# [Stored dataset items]
Start of Block
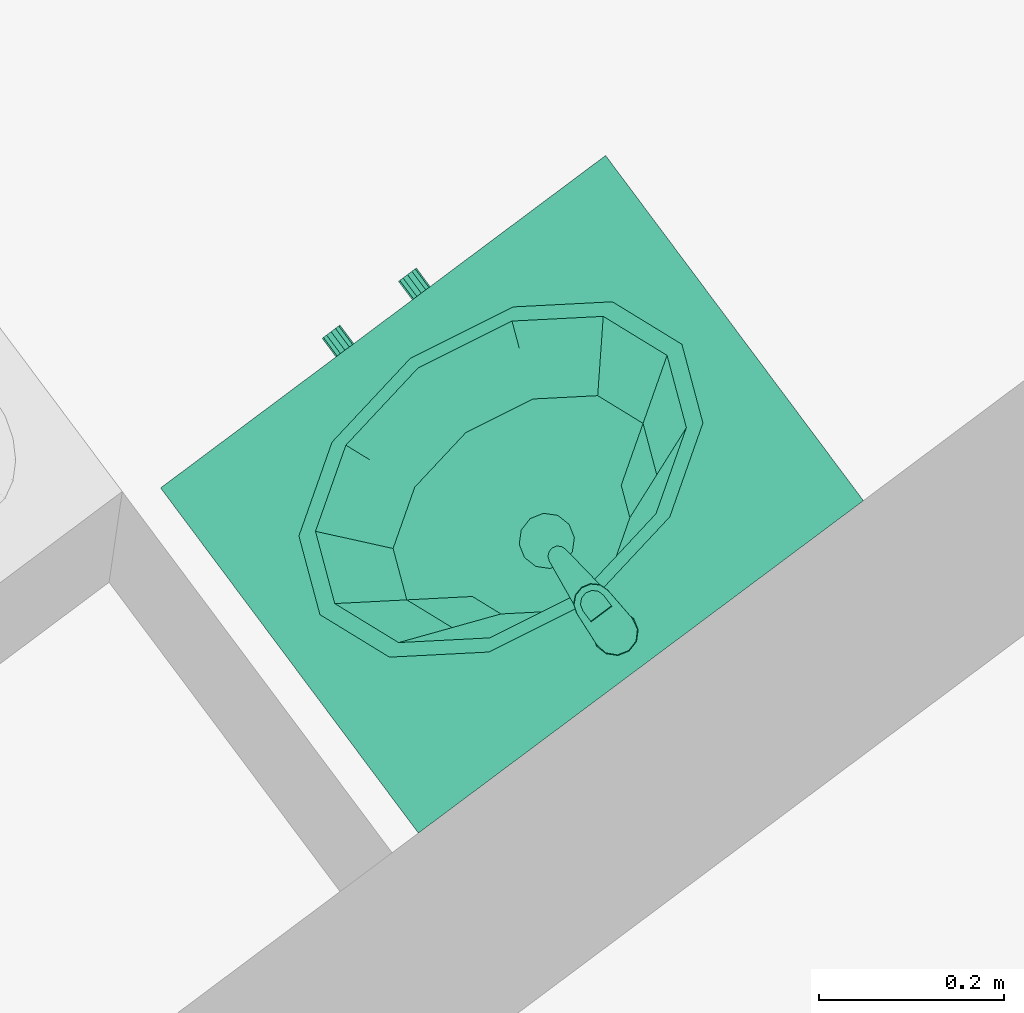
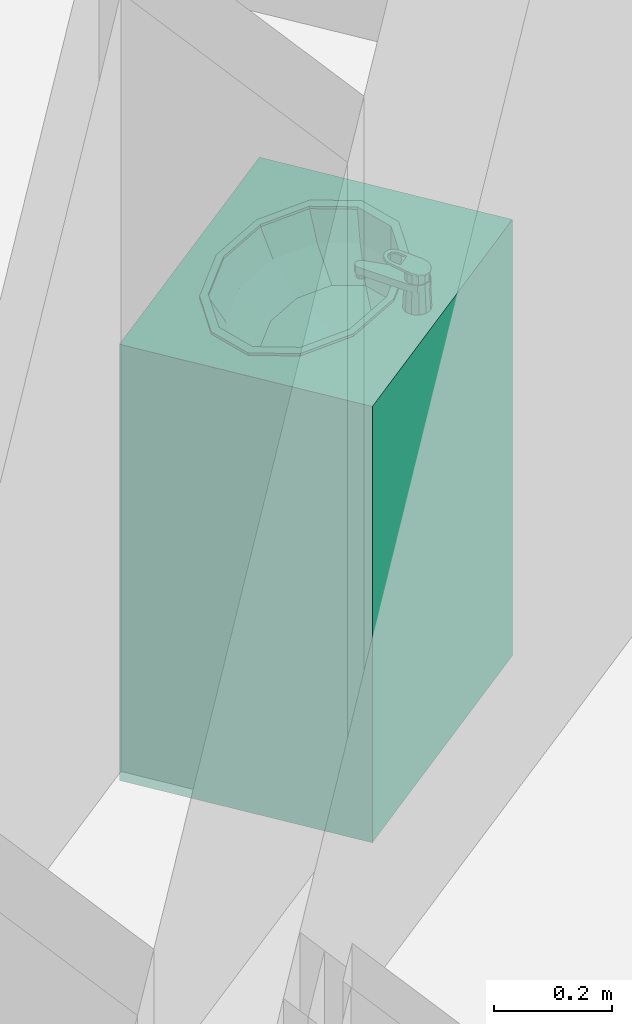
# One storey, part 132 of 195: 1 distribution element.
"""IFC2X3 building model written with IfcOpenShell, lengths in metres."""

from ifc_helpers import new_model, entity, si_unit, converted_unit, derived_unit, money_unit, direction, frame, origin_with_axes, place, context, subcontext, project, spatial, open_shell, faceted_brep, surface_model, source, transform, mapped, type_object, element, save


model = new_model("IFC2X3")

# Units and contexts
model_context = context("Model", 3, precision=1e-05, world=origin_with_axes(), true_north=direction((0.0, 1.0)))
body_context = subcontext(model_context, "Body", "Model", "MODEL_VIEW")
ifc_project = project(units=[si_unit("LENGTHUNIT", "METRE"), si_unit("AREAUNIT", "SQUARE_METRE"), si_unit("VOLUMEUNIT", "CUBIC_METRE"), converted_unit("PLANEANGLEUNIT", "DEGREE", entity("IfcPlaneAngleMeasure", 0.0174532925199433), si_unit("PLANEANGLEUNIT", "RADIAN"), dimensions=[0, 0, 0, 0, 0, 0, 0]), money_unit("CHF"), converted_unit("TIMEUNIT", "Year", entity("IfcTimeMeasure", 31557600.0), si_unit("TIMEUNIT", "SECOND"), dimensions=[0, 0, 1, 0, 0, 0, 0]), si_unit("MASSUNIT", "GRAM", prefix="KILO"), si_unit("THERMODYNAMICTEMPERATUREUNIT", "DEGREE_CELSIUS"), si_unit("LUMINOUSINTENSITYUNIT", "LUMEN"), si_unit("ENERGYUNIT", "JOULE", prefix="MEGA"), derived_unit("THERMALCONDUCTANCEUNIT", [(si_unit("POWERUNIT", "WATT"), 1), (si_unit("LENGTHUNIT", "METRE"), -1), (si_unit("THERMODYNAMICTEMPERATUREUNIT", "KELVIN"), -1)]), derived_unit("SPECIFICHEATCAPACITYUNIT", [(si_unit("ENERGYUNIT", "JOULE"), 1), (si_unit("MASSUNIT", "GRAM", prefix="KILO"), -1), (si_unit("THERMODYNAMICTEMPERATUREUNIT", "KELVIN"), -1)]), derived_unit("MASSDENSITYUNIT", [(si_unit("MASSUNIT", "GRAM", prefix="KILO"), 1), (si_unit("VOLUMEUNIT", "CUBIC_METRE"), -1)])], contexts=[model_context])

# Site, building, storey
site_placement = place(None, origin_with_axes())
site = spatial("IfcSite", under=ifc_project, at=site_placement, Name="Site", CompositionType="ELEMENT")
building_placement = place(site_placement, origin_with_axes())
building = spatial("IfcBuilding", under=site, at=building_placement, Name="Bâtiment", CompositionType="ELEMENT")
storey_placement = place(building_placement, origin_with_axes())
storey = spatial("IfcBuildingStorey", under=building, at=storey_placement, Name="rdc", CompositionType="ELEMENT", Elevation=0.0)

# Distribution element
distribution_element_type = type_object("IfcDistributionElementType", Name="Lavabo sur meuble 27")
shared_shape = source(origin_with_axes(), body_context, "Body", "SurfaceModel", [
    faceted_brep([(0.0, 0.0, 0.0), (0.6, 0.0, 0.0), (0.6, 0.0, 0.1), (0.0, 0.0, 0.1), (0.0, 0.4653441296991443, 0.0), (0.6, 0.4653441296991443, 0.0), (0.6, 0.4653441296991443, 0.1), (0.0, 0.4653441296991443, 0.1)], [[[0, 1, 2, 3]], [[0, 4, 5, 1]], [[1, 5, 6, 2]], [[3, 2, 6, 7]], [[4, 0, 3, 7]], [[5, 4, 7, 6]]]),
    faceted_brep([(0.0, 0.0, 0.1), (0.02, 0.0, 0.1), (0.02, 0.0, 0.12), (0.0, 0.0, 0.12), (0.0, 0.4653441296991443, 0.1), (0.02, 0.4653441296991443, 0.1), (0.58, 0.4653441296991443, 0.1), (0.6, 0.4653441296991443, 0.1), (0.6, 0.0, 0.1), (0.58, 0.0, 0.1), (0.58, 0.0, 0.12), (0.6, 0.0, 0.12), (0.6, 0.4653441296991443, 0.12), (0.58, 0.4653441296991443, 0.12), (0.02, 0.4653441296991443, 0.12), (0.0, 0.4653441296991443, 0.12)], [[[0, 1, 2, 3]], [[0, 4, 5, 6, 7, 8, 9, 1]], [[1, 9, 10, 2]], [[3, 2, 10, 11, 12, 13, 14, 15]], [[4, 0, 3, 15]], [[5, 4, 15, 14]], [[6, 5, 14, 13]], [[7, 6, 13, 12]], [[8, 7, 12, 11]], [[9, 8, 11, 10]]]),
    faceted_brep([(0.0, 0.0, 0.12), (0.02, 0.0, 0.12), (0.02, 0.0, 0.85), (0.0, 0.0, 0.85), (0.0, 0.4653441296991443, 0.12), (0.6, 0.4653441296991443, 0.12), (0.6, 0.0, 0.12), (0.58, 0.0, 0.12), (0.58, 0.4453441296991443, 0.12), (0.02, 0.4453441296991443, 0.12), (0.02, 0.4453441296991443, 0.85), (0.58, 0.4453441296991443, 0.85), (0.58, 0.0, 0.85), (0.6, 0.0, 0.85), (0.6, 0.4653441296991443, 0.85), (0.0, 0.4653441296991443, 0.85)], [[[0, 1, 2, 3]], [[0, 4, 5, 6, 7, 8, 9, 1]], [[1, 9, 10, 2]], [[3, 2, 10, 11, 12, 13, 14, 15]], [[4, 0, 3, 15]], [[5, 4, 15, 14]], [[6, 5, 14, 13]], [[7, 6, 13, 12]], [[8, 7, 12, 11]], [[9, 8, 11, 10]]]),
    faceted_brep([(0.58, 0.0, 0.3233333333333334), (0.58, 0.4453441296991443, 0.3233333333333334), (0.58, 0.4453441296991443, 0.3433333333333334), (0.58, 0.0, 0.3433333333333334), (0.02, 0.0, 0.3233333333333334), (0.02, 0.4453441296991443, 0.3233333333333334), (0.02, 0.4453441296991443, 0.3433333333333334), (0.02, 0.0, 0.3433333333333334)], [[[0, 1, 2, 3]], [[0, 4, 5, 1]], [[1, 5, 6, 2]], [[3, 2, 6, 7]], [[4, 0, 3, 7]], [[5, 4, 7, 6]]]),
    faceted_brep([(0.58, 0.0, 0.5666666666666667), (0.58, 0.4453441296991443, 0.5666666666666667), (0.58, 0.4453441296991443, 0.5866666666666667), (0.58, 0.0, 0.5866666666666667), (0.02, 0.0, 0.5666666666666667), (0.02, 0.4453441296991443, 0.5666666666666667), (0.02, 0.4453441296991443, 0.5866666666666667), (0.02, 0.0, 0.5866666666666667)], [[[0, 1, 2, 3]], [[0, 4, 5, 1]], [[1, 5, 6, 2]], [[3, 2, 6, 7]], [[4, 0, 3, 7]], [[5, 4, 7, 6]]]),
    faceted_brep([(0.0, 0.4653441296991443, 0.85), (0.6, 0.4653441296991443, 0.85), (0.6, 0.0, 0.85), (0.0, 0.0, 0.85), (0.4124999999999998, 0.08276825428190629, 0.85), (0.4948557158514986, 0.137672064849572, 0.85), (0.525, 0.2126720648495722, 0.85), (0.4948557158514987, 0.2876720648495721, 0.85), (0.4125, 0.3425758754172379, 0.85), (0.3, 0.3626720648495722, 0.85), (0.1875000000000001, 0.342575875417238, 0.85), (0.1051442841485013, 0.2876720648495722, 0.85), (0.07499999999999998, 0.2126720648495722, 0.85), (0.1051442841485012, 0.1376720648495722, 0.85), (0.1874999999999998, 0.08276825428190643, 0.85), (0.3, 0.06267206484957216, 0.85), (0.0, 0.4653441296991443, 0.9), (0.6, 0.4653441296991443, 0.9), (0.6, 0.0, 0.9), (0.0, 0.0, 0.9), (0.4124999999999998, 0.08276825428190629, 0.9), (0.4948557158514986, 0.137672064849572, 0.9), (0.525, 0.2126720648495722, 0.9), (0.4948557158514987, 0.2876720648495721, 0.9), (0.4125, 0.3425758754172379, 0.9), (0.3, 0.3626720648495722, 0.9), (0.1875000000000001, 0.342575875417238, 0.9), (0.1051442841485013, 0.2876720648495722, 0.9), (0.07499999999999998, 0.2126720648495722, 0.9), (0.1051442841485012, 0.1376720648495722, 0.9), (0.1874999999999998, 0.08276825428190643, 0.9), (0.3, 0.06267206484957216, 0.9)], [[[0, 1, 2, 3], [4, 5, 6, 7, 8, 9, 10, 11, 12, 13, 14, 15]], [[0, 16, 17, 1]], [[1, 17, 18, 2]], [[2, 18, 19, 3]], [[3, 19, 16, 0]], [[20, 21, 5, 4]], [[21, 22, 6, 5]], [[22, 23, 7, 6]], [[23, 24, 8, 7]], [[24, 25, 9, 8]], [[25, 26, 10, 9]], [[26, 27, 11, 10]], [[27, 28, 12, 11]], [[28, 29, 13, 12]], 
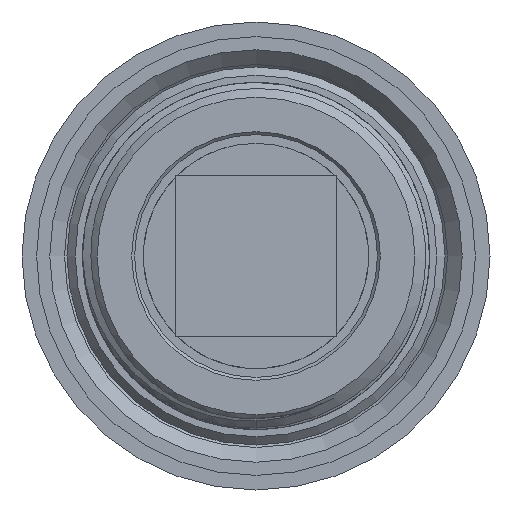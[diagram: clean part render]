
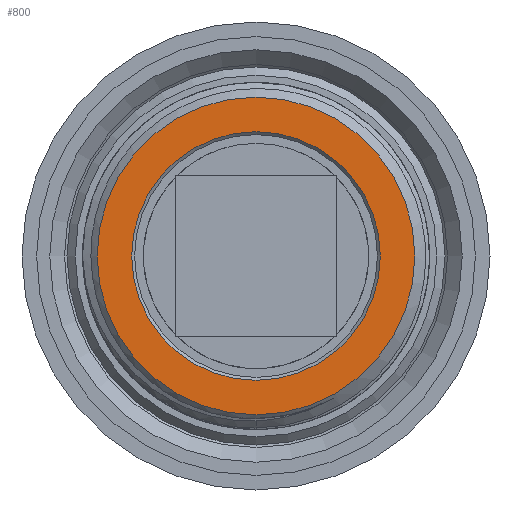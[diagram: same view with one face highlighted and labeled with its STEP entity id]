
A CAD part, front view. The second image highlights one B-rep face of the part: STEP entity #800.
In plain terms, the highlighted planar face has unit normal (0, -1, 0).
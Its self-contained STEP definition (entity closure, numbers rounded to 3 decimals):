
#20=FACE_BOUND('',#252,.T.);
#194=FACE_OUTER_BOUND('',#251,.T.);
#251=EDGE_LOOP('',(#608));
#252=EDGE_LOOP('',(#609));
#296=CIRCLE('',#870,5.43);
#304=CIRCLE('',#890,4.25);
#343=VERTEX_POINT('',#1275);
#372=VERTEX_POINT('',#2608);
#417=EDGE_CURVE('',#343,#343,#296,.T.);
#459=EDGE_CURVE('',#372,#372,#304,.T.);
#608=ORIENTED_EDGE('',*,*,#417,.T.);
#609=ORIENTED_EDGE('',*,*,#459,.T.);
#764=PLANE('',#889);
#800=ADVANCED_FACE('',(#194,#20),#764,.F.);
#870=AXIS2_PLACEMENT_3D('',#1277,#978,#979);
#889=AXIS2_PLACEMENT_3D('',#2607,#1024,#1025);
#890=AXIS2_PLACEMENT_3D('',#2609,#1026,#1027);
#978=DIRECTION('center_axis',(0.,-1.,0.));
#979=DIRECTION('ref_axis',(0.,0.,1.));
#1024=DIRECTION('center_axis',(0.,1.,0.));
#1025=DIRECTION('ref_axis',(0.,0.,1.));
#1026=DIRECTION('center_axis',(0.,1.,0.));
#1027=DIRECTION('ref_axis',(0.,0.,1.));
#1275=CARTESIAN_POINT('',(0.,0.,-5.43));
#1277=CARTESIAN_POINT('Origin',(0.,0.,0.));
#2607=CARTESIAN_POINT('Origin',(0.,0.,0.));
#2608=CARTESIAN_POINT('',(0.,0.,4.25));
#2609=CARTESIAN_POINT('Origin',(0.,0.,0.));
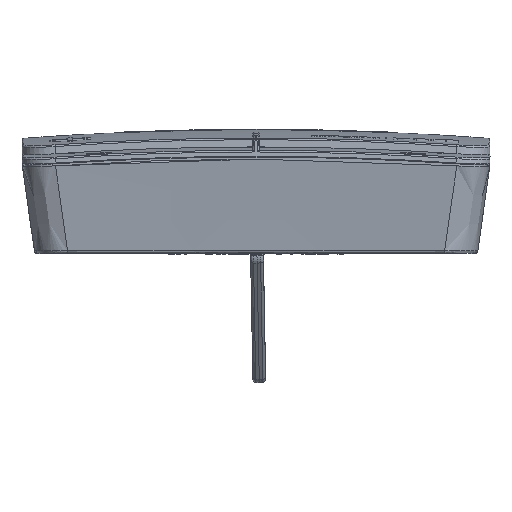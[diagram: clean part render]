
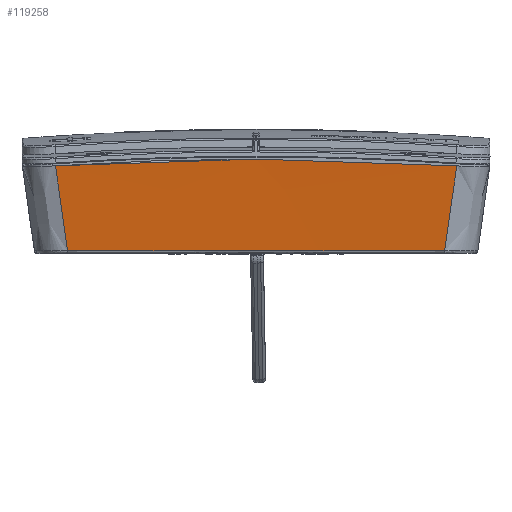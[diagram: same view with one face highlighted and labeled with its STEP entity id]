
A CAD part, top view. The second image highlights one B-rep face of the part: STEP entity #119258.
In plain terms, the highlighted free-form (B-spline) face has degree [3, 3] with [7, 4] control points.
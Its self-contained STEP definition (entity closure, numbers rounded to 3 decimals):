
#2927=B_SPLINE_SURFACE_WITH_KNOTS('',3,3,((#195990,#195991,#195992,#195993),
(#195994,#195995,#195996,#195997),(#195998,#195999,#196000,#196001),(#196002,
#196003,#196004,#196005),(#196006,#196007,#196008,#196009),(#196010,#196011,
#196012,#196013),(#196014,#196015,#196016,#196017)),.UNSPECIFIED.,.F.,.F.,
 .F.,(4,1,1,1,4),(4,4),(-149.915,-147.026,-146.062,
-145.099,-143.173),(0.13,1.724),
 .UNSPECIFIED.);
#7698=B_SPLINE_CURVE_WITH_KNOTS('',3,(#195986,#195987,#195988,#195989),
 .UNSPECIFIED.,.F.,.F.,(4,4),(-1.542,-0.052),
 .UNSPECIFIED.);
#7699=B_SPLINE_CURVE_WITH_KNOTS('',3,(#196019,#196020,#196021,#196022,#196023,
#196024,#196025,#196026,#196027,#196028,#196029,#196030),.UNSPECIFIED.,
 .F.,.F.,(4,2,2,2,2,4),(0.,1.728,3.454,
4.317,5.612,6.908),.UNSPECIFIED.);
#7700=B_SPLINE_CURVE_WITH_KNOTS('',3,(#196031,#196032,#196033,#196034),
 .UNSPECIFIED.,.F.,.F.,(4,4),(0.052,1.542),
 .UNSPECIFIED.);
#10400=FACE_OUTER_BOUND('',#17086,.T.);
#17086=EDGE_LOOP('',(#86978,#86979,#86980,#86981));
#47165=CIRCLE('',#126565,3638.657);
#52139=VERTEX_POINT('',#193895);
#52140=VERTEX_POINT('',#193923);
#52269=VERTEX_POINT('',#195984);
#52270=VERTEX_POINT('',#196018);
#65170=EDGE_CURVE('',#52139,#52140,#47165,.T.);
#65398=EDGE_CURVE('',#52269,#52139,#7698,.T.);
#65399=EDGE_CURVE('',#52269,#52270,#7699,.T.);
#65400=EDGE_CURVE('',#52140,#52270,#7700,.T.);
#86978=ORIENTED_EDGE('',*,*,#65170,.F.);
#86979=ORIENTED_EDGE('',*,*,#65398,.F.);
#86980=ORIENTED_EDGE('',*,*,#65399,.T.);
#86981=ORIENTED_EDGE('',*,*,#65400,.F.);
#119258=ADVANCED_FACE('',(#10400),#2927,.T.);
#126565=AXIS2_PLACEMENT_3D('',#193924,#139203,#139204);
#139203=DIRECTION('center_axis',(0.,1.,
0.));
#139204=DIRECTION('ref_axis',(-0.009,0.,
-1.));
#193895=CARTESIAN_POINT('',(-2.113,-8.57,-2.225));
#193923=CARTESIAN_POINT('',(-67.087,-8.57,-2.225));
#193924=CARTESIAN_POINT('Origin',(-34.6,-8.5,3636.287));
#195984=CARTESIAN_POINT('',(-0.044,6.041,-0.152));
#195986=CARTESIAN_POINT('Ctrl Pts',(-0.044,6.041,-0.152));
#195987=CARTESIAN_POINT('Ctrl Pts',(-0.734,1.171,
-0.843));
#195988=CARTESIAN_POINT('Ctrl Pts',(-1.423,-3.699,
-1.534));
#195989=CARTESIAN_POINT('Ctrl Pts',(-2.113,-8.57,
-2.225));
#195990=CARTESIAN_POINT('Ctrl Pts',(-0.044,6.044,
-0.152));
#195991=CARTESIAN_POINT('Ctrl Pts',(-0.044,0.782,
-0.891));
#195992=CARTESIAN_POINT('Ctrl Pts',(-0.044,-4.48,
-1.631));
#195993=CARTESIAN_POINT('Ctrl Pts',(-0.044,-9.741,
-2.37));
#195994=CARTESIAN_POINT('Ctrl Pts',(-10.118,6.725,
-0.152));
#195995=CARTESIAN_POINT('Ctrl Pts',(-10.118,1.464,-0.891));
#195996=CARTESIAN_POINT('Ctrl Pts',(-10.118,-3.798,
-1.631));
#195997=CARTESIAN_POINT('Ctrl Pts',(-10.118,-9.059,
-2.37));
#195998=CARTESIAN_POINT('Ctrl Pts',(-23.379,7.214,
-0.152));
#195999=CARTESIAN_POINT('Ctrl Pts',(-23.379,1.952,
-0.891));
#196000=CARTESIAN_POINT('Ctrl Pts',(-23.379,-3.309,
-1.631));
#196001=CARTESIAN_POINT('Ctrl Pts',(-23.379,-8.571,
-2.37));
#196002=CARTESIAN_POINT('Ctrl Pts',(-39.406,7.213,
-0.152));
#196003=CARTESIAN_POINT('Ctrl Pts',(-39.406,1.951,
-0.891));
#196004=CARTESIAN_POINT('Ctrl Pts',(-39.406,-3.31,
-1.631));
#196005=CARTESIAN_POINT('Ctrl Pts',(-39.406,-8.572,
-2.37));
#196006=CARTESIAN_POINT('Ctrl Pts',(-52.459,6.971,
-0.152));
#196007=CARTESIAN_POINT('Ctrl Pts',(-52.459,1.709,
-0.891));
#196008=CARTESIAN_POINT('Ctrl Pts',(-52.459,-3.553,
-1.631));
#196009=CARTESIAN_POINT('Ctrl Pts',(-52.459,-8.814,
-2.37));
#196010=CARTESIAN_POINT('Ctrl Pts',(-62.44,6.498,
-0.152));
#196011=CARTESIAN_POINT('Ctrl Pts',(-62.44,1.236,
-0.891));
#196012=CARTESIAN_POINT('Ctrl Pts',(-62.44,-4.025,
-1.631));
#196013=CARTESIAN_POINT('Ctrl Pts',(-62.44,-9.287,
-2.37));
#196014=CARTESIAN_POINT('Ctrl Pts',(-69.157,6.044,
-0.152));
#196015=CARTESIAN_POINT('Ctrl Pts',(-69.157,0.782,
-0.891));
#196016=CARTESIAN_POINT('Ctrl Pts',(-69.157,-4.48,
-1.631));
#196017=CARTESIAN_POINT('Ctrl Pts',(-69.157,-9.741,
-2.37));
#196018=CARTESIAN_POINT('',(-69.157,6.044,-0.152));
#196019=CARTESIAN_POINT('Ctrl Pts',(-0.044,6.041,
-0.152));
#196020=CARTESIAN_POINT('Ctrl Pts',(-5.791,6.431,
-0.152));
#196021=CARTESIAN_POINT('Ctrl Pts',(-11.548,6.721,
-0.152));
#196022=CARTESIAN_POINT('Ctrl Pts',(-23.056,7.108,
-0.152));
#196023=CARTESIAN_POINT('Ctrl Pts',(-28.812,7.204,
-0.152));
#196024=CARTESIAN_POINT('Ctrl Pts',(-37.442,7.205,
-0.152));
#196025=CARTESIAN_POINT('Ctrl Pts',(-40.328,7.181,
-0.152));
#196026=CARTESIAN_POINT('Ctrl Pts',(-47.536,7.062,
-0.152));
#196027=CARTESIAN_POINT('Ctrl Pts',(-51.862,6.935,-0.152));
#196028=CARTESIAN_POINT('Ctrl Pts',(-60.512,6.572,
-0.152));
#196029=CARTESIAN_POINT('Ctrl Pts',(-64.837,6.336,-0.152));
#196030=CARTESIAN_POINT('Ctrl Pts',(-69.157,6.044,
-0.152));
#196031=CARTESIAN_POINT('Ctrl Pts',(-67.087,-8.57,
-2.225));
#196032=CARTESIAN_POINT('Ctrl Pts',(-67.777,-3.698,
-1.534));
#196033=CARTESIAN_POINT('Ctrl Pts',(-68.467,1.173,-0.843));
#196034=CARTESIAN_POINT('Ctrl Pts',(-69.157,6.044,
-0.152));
End of Block
# [TASK]
Exactly the lines from the top of the entries through the line with "world=origin_with_axes(), true_north=direction((0.0, 1.0)))", inclusive, must be given again, with every picture omitted.

# [TASK SOLUTION]
# One storey, part 132 of 195: 1 distribution element.
"""IFC2X3 building model written with IfcOpenShell, lengths in metres."""

from ifc_helpers import new_model, entity, si_unit, converted_unit, derived_unit, money_unit, direction, frame, origin_with_axes, place, context, subcontext, project, spatial, open_shell, faceted_brep, surface_model, source, transform, mapped, type_object, element, save


model = new_model("IFC2X3")

# Units and contexts
model_context = context("Model", 3, precision=1e-05, world=origin_with_axes(), true_north=direction((0.0, 1.0)))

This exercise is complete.